• **THE PROBLEM**
The answer must be every line of the records below that contains the word "Hood".

• **SOURCE DATA**
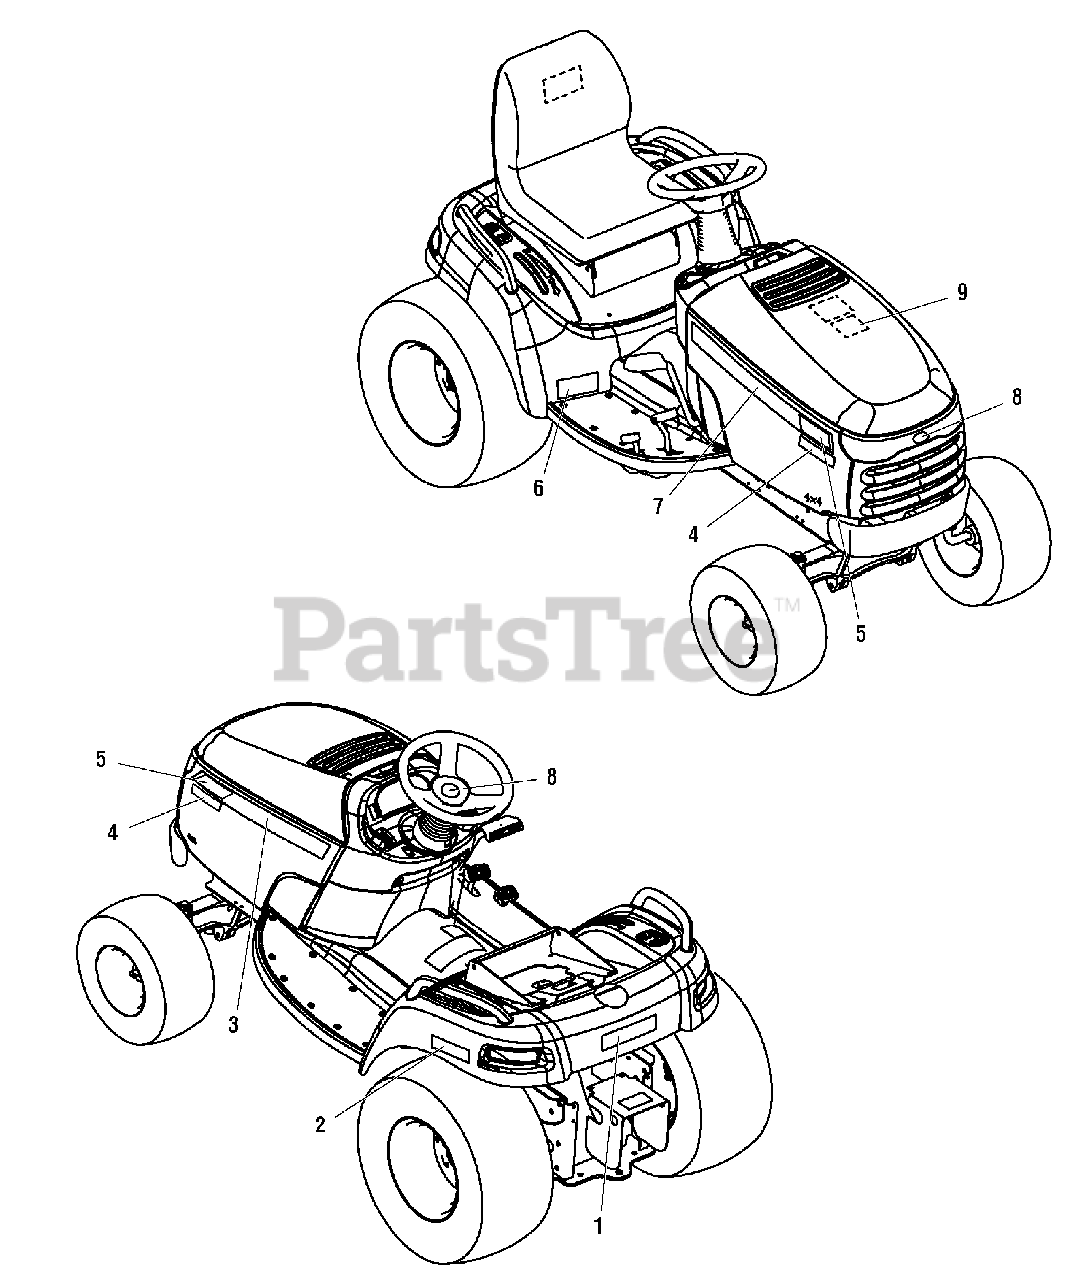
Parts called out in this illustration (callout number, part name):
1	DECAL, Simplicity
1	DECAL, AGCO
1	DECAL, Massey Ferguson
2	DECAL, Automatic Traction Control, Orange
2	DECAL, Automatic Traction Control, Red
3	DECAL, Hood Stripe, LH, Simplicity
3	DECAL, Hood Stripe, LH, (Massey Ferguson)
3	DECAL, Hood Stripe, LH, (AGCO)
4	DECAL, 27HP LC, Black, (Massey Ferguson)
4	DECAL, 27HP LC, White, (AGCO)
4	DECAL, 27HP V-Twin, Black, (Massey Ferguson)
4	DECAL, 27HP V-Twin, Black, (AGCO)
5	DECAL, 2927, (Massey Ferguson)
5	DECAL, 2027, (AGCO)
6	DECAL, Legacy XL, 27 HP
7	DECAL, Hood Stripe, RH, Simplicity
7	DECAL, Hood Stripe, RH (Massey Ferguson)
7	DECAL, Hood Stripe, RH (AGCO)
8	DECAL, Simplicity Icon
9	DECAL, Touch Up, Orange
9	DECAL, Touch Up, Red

• **EXERCISE SOLUTION**
3	DECAL, Hood Stripe, LH, Simplicity
3	DECAL, Hood Stripe, LH, (Massey Ferguson)
3	DECAL, Hood Stripe, LH, (AGCO)
7	DECAL, Hood Stripe, RH, Simplicity
7	DECAL, Hood Stripe, RH (Massey Ferguson)
7	DECAL, Hood Stripe, RH (AGCO)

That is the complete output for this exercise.